I had to start from the beginning and relearn how to write todo lists, journal about what I wanted out of life, address all of the physical issues I could, etc etc etc. The self-help stuff is all true. The only part they are missing is that IMHO as much as 80% of our mood is derived from physical sources. The science of vegetarianism isn't quite there yet. So for example, I was eating more beans (legumes) and nightshades each day than most people probably eat all week. The anti-nutrients had lowered my absorption of iron, zinc and I'm pretty sure iodine, not to mention that I wasn't taking enough of the basics like B vitamins. Each time I reintroduced traditional foods like bacon, I received outsized returns because of things like tryptophan turning into serotonin. Nutrition is huge.

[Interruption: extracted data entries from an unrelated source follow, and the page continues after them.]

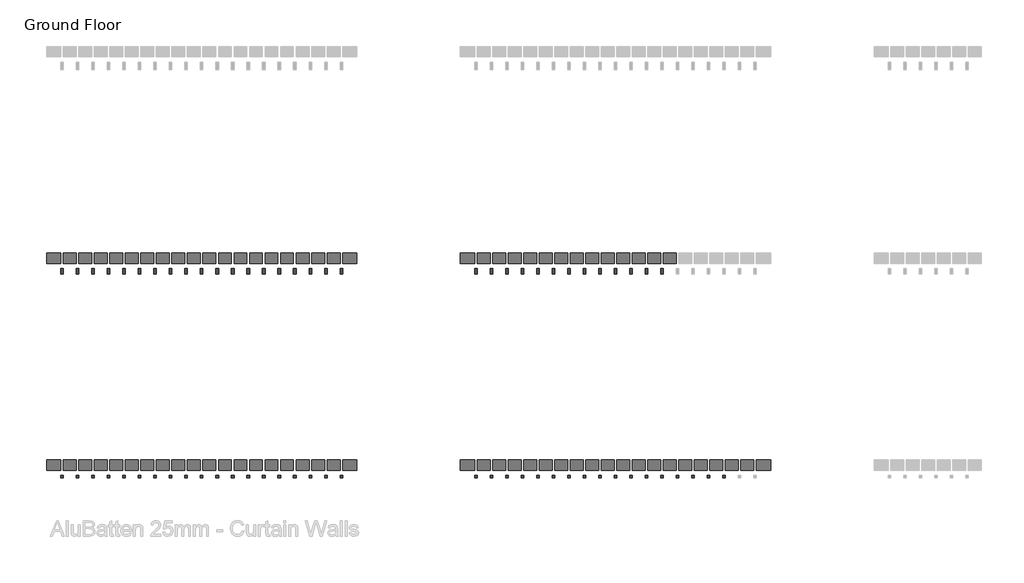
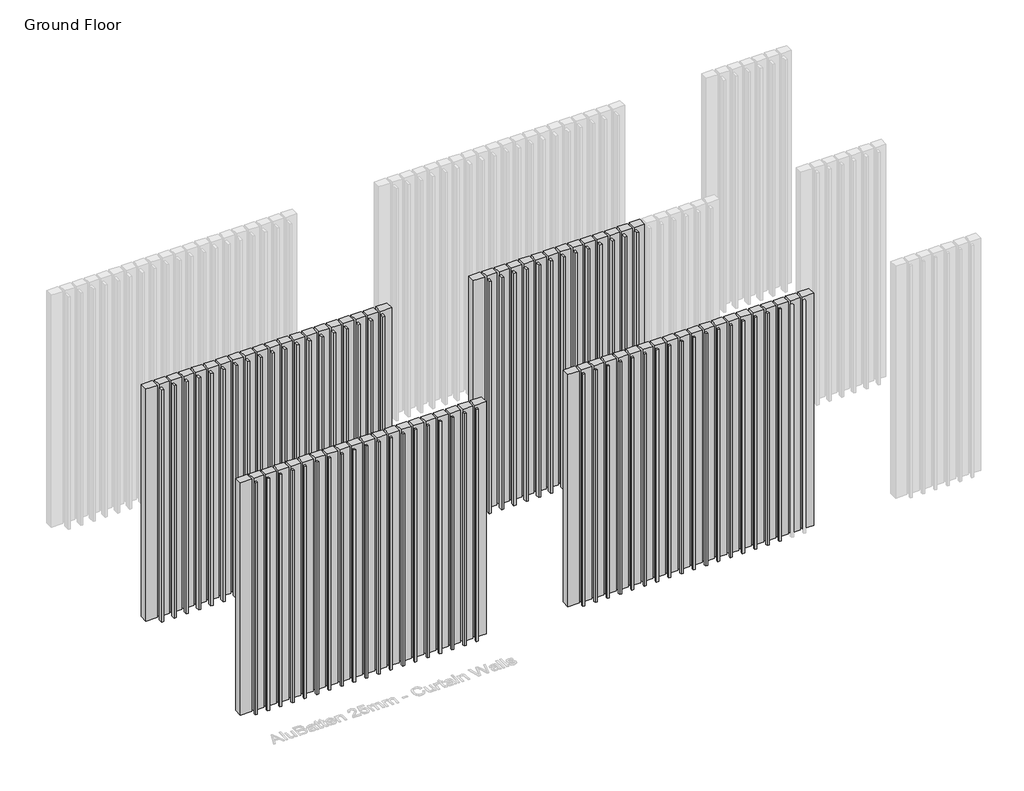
# One storey, part 1 of 350: 74 plates, 68 members.
"""IFC4 building model written with IfcOpenShell, lengths in millimetres."""

from ifc_helpers import new_model, si_unit, origin, place, context, project, spatial, transform, mapped, element, save
from components import rectangular_mullion_ec047115, rectangular_mullion_5535ef50, empty_system_panel_empty_db8e642d, empty_system_panel_empty_1b6afc67, empty_system_panel_empty_4d48d162

model = new_model("IFC4")

# Units and contexts
model_context = context("Model", 3, world=origin())
ifc_project = project(units=[si_unit("LENGTHUNIT", "METRE", prefix="MILLI")], contexts=[model_context])

# Site, building, storey
site = spatial("IfcSite", under=ifc_project)
building = spatial("IfcBuilding", under=site)
storey = spatial("IfcBuildingStorey", under=building, Name="Ground Floor", Elevation=0.0)

# Members
placement = place(None, origin())
rectangular_mullion_shape = rectangular_mullion_ec047115(model_context)
element("IfcMember", 1, ObjectType="Rectangular Mullion : Batten_Aluminium_Modinex_AluBatten_25x25_AfricanEbony", at=placement, inside=storey, context=model_context, shape_type="MappedRepresentation", body=[
    mapped(rectangular_mullion_shape, transform((2066.4361642, 4968.2978302, 0.0), x_axis=(1.0, 0.0, 0.0), y_axis=(0.0, -1.0, 0.0), z_axis=(0.0, 0.0, -1.0))),
])
element("IfcMember", 2, ObjectType="Rectangular Mullion : Batten_Aluminium_Modinex_AluBatten_25x25_AfricanEbony", at=placement, inside=storey, context=model_context, shape_type="MappedRepresentation", body=[
    mapped(rectangular_mullion_shape, transform((2216.4361642, 4968.2978302, 0.0), x_axis=(1.0, 0.0, 0.0), y_axis=(0.0, -1.0, 0.0), z_axis=(0.0, 0.0, -1.0))),
])
element("IfcMember", 3, ObjectType="Rectangular Mullion : Batten_Aluminium_Modinex_AluBatten_25x25_AfricanEbony", at=placement, inside=storey, context=model_context, shape_type="MappedRepresentation", body=[
    mapped(rectangular_mullion_shape, transform((2366.4361642, 4968.2978302, 0.0), x_axis=(1.0, 0.0, 0.0), y_axis=(0.0, -1.0, 0.0), z_axis=(0.0, 0.0, -1.0))),
])
element("IfcMember", 4, ObjectType="Rectangular Mullion : Batten_Aluminium_Modinex_AluBatten_25x25_AfricanEbony", at=placement, inside=storey, context=model_context, shape_type="MappedRepresentation", body=[
    mapped(rectangular_mullion_shape, transform((2516.4361642, 4968.2978302, 0.0), x_axis=(1.0, 0.0, 0.0), y_axis=(0.0, -1.0, 0.0), z_axis=(0.0, 0.0, -1.0))),
])
element("IfcMember", 5, ObjectType="Rectangular Mullion : Batten_Aluminium_Modinex_AluBatten_25x25_AfricanEbony", at=placement, inside=storey, context=model_context, shape_type="MappedRepresentation", body=[
    mapped(rectangular_mullion_shape, transform((2666.4361642, 4968.2978302, 0.0), x_axis=(1.0, 0.0, 0.0), y_axis=(0.0, -1.0, 0.0), z_axis=(0.0, 0.0, -1.0))),
])
element("IfcMember", 6, ObjectType="Rectangular Mullion : Batten_Aluminium_Modinex_AluBatten_25x25_AfricanEbony", at=placement, inside=storey, context=model_context, shape_type="MappedRepresentation", body=[
    mapped(rectangular_mullion_shape, transform((2816.4361642, 4968.2978302, 0.0), x_axis=(1.0, 0.0, 0.0), y_axis=(0.0, -1.0, 0.0), z_axis=(0.0, 0.0, -1.0))),
])
element("IfcMember", 7, ObjectType="Rectangular Mullion : Batten_Aluminium_Modinex_AluBatten_25x25_AfricanEbony", at=placement, inside=storey, context=model_context, shape_type="MappedRepresentation", body=[
    mapped(rectangular_mullion_shape, transform((2966.4361642, 4968.2978302, 0.0), x_axis=(1.0, 0.0, 0.0), y_axis=(0.0, -1.0, 0.0), z_axis=(0.0, 0.0, -1.0))),
])
element("IfcMember", 8, ObjectType="Rectangular Mullion : Batten_Aluminium_Modinex_AluBatten_25x25_AfricanEbony", at=placement, inside=storey, context=model_context, shape_type="MappedRepresentation", body=[
    mapped(rectangular_mullion_shape, transform((3116.4361642, 4968.2978302, 0.0), x_axis=(1.0, 0.0, 0.0), y_axis=(0.0, -1.0, 0.0), z_axis=(0.0, 0.0, -1.0))),
])
element("IfcMember", 9, ObjectType="Rectangular Mullion : Batten_Aluminium_Modinex_AluBatten_25x25_AfricanEbony", at=placement, inside=storey, context=model_context, shape_type="MappedRepresentation", body=[
    mapped(rectangular_mullion_shape, transform((3266.4361642, 4968.2978302, 0.0), x_axis=(1.0, 0.0, 0.0), y_axis=(0.0, -1.0, 0.0), z_axis=(0.0, 0.0, -1.0))),
])
element("IfcMember", 10, ObjectType="Rectangular Mullion : Batten_Aluminium_Modinex_AluBatten_25x25_AfricanEbony", at=placement, inside=storey, context=model_context, shape_type="MappedRepresentation", body=[
    mapped(rectangular_mullion_shape, transform((3416.4361642, 4968.2978302, 0.0), x_axis=(1.0, 0.0, 0.0), y_axis=(0.0, -1.0, 0.0), z_axis=(0.0, 0.0, -1.0))),
])
element("IfcMember", 11, ObjectType="Rectangular Mullion : Batten_Aluminium_Modinex_AluBatten_25x25_AfricanEbony", at=placement, inside=storey, context=model_context, shape_type="MappedRepresentation", body=[
    mapped(rectangular_mullion_shape, transform((3566.4361642, 4968.2978302, 0.0), x_axis=(1.0, 0.0, 0.0), y_axis=(0.0, -1.0, 0.0), z_axis=(0.0, 0.0, -1.0))),
])
element("IfcMember", 12, ObjectType="Rectangular Mullion : Batten_Aluminium_Modinex_AluBatten_25x25_AfricanEbony", at=placement, inside=storey, context=model_context, shape_type="MappedRepresentation", body=[
    mapped(rectangular_mullion_shape, transform((3716.4361642, 4968.2978302, 0.0), x_axis=(1.0, 0.0, 0.0), y_axis=(0.0, -1.0, 0.0), z_axis=(0.0, 0.0, -1.0))),
])
element("IfcMember", 13, ObjectType="Rectangular Mullion : Batten_Aluminium_Modinex_AluBatten_25x25_AfricanEbony", at=placement, inside=storey, context=model_context, shape_type="MappedRepresentation", body=[
    mapped(rectangular_mullion_shape, transform((3866.4361642, 4968.2978302, 0.0), x_axis=(1.0, 0.0, 0.0), y_axis=(0.0, -1.0, 0.0), z_axis=(0.0, 0.0, -1.0))),
])
element("IfcMember", 14, ObjectType="Rectangular Mullion : Batten_Aluminium_Modinex_AluBatten_25x25_AfricanEbony", at=placement, inside=storey, context=model_context, shape_type="MappedRepresentation", body=[
    mapped(rectangular_mullion_shape, transform((4016.4361642, 4968.2978302, 0.0), x_axis=(1.0, 0.0, 0.0), y_axis=(0.0, -1.0, 0.0), z_axis=(0.0, 0.0, -1.0))),
])
element("IfcMember", 15, ObjectType="Rectangular Mullion : Batten_Aluminium_Modinex_AluBatten_25x25_AfricanEbony", at=placement, inside=storey, context=model_context, shape_type="MappedRepresentation", body=[
    mapped(rectangular_mullion_shape, transform((4166.4361642, 4968.2978302, 0.0), x_axis=(1.0, 0.0, 0.0), y_axis=(0.0, -1.0, 0.0), z_axis=(0.0, 0.0, -1.0))),
])
element("IfcMember", 16, ObjectType="Rectangular Mullion : Batten_Aluminium_Modinex_AluBatten_25x25_AfricanEbony", at=placement, inside=storey, context=model_context, shape_type="MappedRepresentation", body=[
    mapped(rectangular_mullion_shape, transform((4316.4361642, 4968.2978302, 0.0), x_axis=(1.0, 0.0, 0.0), y_axis=(0.0, -1.0, 0.0), z_axis=(0.0, 0.0, -1.0))),
])
element("IfcMember", 17, ObjectType="Rectangular Mullion : Batten_Aluminium_Modinex_AluBatten_25x25_AfricanEbony", at=placement, inside=storey, context=model_context, shape_type="MappedRepresentation", body=[
    mapped(rectangular_mullion_shape, transform((4466.4361642, 4968.2978302, 0.0), x_axis=(1.0, 0.0, 0.0), y_axis=(0.0, -1.0, 0.0), z_axis=(0.0, 0.0, -1.0))),
])
element("IfcMember", 18, ObjectType="Rectangular Mullion : Batten_Aluminium_Modinex_AluBatten_25x25_AfricanEbony", at=placement, inside=storey, context=model_context, shape_type="MappedRepresentation", body=[
    mapped(rectangular_mullion_shape, transform((4616.4361642, 4968.2978302, 0.0), x_axis=(1.0, 0.0, 0.0), y_axis=(0.0, -1.0, 0.0), z_axis=(0.0, 0.0, -1.0))),
])
element("IfcMember", 19, ObjectType="Rectangular Mullion : Batten_Aluminium_Modinex_AluBatten_25x25_AfricanEbony", at=placement, inside=storey, context=model_context, shape_type="MappedRepresentation", body=[
    mapped(rectangular_mullion_shape, transform((4766.4361642, 4968.2978302, 0.0), x_axis=(1.0, 0.0, 0.0), y_axis=(0.0, -1.0, 0.0), z_axis=(0.0, 0.0, -1.0))),
])
rectangular_mullion_2_shape = rectangular_mullion_5535ef50(model_context)
element("IfcMember", 20, ObjectType="Rectangular Mullion : Batten_Aluminium_Modinex_AluBatten_25x50_Cedar", at=placement, inside=storey, context=model_context, shape_type="MappedRepresentation", body=[
    mapped(rectangular_mullion_2_shape, transform((6066.4361642, 6968.2978302, 0.0), x_axis=(1.0, 0.0, 0.0), y_axis=(0.0, -1.0, 0.0), z_axis=(0.0, 0.0, -1.0))),
])
element("IfcMember", 21, ObjectType="Rectangular Mullion : Batten_Aluminium_Modinex_AluBatten_25x50_Cedar", at=placement, inside=storey, context=model_context, shape_type="MappedRepresentation", body=[
    mapped(rectangular_mullion_2_shape, transform((6216.4361642, 6968.2978302, 0.0), x_axis=(1.0, 0.0, 0.0), y_axis=(0.0, -1.0, 0.0), z_axis=(0.0, 0.0, -1.0))),
])
element("IfcMember", 22, ObjectType="Rectangular Mullion : Batten_Aluminium_Modinex_AluBatten_25x50_Cedar", at=placement, inside=storey, context=model_context, shape_type="MappedRepresentation", body=[
    mapped(rectangular_mullion_2_shape, transform((6366.4361642, 6968.2978302, 0.0), x_axis=(1.0, 0.0, 0.0), y_axis=(0.0, -1.0, 0.0), z_axis=(0.0, 0.0, -1.0))),
])
element("IfcMember", 23, ObjectType="Rectangular Mullion : Batten_Aluminium_Modinex_AluBatten_25x50_Cedar", at=placement, inside=storey, context=model_context, shape_type="MappedRepresentation", body=[
    mapped(rectangular_mullion_2_shape, transform((6516.4361642, 6968.2978302, 0.0), x_axis=(1.0, 0.0, 0.0), y_axis=(0.0, -1.0, 0.0), z_axis=(0.0, 0.0, -1.0))),
])
element("IfcMember", 24, ObjectType="Rectangular Mullion : Batten_Aluminium_Modinex_AluBatten_25x50_Cedar", at=placement, inside=storey, context=model_context, shape_type="MappedRepresentation", body=[
    mapped(rectangular_mullion_2_shape, transform((6666.4361642, 6968.2978302, 0.0), x_axis=(1.0, 0.0, 0.0), y_axis=(0.0, -1.0, 0.0), z_axis=(0.0, 0.0, -1.0))),
])
element("IfcMember", 25, ObjectType="Rectangular Mullion : Batten_Aluminium_Modinex_AluBatten_25x50_Cedar", at=placement, inside=storey, context=model_context, shape_type="MappedRepresentation", body=[
    mapped(rectangular_mullion_2_shape, transform((6816.4361642, 6968.2978302, 0.0), x_axis=(1.0, 0.0, 0.0), y_axis=(0.0, -1.0, 0.0), z_axis=(0.0, 0.0, -1.0))),
])
element("IfcMember", 26, ObjectType="Rectangular Mullion : Batten_Aluminium_Modinex_AluBatten_25x50_Cedar", at=placement, inside=storey, context=model_context, shape_type="MappedRepresentation", body=[
    mapped(rectangular_mullion_2_shape, transform((6966.4361642, 6968.2978302, 0.0), x_axis=(1.0, 0.0, 0.0), y_axis=(0.0, -1.0, 0.0), z_axis=(0.0, 0.0, -1.0))),
])
element("IfcMember", 27, ObjectType="Rectangular Mullion : Batten_Aluminium_Modinex_AluBatten_25x50_Cedar", at=placement, inside=storey, context=model_context, shape_type="MappedRepresentation", body=[
    mapped(rectangular_mullion_2_shape, transform((7116.4361642, 6968.2978302, 0.0), x_axis=(1.0, 0.0, 0.0), y_axis=(0.0, -1.0, 0.0), z_axis=(0.0, 0.0, -1.0))),
])
element("IfcMember", 28, ObjectType="Rectangular Mullion : Batten_Aluminium_Modinex_AluBatten_25x50_Cedar", at=placement, inside=storey, context=model_context, shape_type="MappedRepresentation", body=[
    mapped(rectangular_mullion_2_shape, transform((7266.4361642, 6968.2978302, 0.0), x_axis=(1.0, 0.0, 0.0), y_axis=(0.0, -1.0, 0.0), z_axis=(0.0, 0.0, -1.0))),
])
element("IfcMember", 29, ObjectType="Rectangular Mullion : Batten_Aluminium_Modinex_AluBatten_25x50_Cedar", at=placement, inside=storey, context=model_context, shape_type="MappedRepresentation", body=[
    mapped(rectangular_mullion_2_shape, transform((7416.4361642, 6968.2978302, 0.0), x_axis=(1.0, 0.0, 0.0), y_axis=(0.0, -1.0, 0.0), z_axis=(0.0, 0.0, -1.0))),
])
element("IfcMember", 30, ObjectType="Rectangular Mullion : Batten_Aluminium_Modinex_AluBatten_25x50_Cedar", at=placement, inside=storey, context=model_context, shape_type="MappedRepresentation", body=[
    mapped(rectangular_mullion_2_shape, transform((7566.4361642, 6968.2978302, 0.0), x_axis=(1.0, 0.0, 0.0), y_axis=(0.0, -1.0, 0.0), z_axis=(0.0, 0.0, -1.0))),
])
element("IfcMember", 31, ObjectType="Rectangular Mullion : Batten_Aluminium_Modinex_AluBatten_25x50_Cedar", at=placement, inside=storey, context=model_context, shape_type="MappedRepresentation", body=[
    mapped(rectangular_mullion_2_shape, transform((7716.4361642, 6968.2978302, 0.0), x_axis=(1.0, 0.0, 0.0), y_axis=(0.0, -1.0, 0.0), z_axis=(0.0, 0.0, -1.0))),
])
element("IfcMember", 32, ObjectType="Rectangular Mullion : Batten_Aluminium_Modinex_AluBatten_25x50_Cedar", at=placement, inside=storey, context=model_context, shape_type="MappedRepresentation", body=[
    mapped(rectangular_mullion_2_shape, transform((7866.4361642, 6968.2978302, 0.0), x_axis=(1.0, 0.0, 0.0), y_axis=(0.0, -1.0, 0.0), z_axis=(0.0, 0.0, -1.0))),
])
element("IfcMember", 33, ObjectType="Rectangular Mullion : Batten_Aluminium_Modinex_AluBatten_25x25_Cedar", at=placement, inside=storey, context=model_context, shape_type="MappedRepresentation", body=[
    mapped(rectangular_mullion_shape, transform((6066.4361642, 4968.2978302, 0.0), x_axis=(1.0, 0.0, 0.0), y_axis=(0.0, -1.0, 0.0), z_axis=(0.0, 0.0, -1.0))),
])
element("IfcMember", 34, ObjectType="Rectangular Mullion : Batten_Aluminium_Modinex_AluBatten_25x25_Cedar", at=placement, inside=storey, context=model_context, shape_type="MappedRepresentation", body=[
    mapped(rectangular_mullion_shape, transform((6216.4361642, 4968.2978302, 0.0), x_axis=(1.0, 0.0, 0.0), y_axis=(0.0, -1.0, 0.0), z_axis=(0.0, 0.0, -1.0))),
])
element("IfcMember", 35, ObjectType="Rectangular Mullion : Batten_Aluminium_Modinex_AluBatten_25x25_Cedar", at=placement, inside=storey, context=model_context, shape_type="MappedRepresentation", body=[
    mapped(rectangular_mullion_shape, transform((6366.4361642, 4968.2978302, 0.0), x_axis=(1.0, 0.0, 0.0), y_axis=(0.0, -1.0, 0.0), z_axis=(0.0, 0.0, -1.0))),
])
element("IfcMember", 36, ObjectType="Rectangular Mullion : Batten_Aluminium_Modinex_AluBatten_25x25_Cedar", at=placement, inside=storey, context=model_context, shape_type="MappedRepresentation", body=[
    mapped(rectangular_mullion_shape, transform((6516.4361642, 4968.2978302, 0.0), x_axis=(1.0, 0.0, 0.0), y_axis=(0.0, -1.0, 0.0), z_axis=(0.0, 0.0, -1.0))),
])
element("IfcMember", 37, ObjectType="Rectangular Mullion : Batten_Aluminium_Modinex_AluBatten_25x25_Cedar", at=placement, inside=storey, context=model_context, shape_type="MappedRepresentation", body=[
    mapped(rectangular_mullion_shape, transform((6666.4361642, 4968.2978302, 0.0), x_axis=(1.0, 0.0, 0.0), y_axis=(0.0, -1.0, 0.0), z_axis=(0.0, 0.0, -1.0))),
])
element("IfcMember", 38, ObjectType="Rectangular Mullion : Batten_Aluminium_Modinex_AluBatten_25x25_Cedar", at=placement, inside=storey, context=model_context, shape_type="MappedRepresentation", body=[
    mapped(rectangular_mullion_shape, transform((6816.4361642, 4968.2978302, 0.0), x_axis=(1.0, 0.0, 0.0), y_axis=(0.0, -1.0, 0.0), z_axis=(0.0, 0.0, -1.0))),
])
element("IfcMember", 39, ObjectType="Rectangular Mullion : Batten_Aluminium_Modinex_AluBatten_25x25_Cedar", at=placement, inside=storey, context=model_context, shape_type="MappedRepresentation", body=[
    mapped(rectangular_mullion_shape, transform((6966.4361642, 4968.2978302, 0.0), x_axis=(1.0, 0.0, 0.0), y_axis=(0.0, -1.0, 0.0), z_axis=(0.0, 0.0, -1.0))),
])
element("IfcMember", 40, ObjectType="Rectangular Mullion : Batten_Aluminium_Modinex_AluBatten_25x25_Cedar", at=placement, inside=storey, context=model_context, shape_type="MappedRepresentation", body=[
    mapped(rectangular_mullion_shape, transform((7116.4361642, 4968.2978302, 0.0), x_axis=(1.0, 0.0, 0.0), y_axis=(0.0, -1.0, 0.0), z_axis=(0.0, 0.0, -1.0))),
])
element("IfcMember", 41, ObjectType="Rectangular Mullion : Batten_Aluminium_Modinex_AluBatten_25x25_Cedar", at=placement, inside=storey, context=model_context, shape_type="MappedRepresentation", body=[
    mapped(rectangular_mullion_shape, transform((7266.4361642, 4968.2978302, 0.0), x_axis=(1.0, 0.0, 0.0), y_axis=(0.0, -1.0, 0.0), z_axis=(0.0, 0.0, -1.0))),
])
element("IfcMember", 42, ObjectType="Rectangular Mullion : Batten_Aluminium_Modinex_AluBatten_25x25_Cedar", at=placement, inside=storey, context=model_context, shape_type="MappedRepresentation", body=[
    mapped(rectangular_mullion_shape, transform((7416.4361642, 4968.2978302, 0.0), x_axis=(1.0, 0.0, 0.0), y_axis=(0.0, -1.0, 0.0), z_axis=(0.0, 0.0, -1.0))),
])
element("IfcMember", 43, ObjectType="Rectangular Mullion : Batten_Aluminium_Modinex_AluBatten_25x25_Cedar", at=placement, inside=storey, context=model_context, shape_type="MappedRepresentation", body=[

Anyway, when it's all said and done, the best treatment for me was to slow down and emphasize things like how priceless consciousness is (dignity), and deemphasize artificial human constructs like worth/productivity (materialism). Also I learned that habits take about 2 weeks to form, so it was helpful to list 1 or 2 things I was struggling with, then perform them manually and dispassionately until the habit stuck. Negative self-talk is huge too. I adopted a continuous mindfulness as a set of rules so that whenever my inner monologue is critical, I note it and file it away without engaging. Over time, the positive thoughts grew as my inner child learned that positive reinforcement works.

I'll stop there since I could talk about this literally forever, but I highly recommend talking to someone and seeing a doctor or nutritionist and trying some integrative and holistic approaches. Don't lose years like I did.


No mention what consists of “lack” of sleep.


Now I just need a concussion to compare.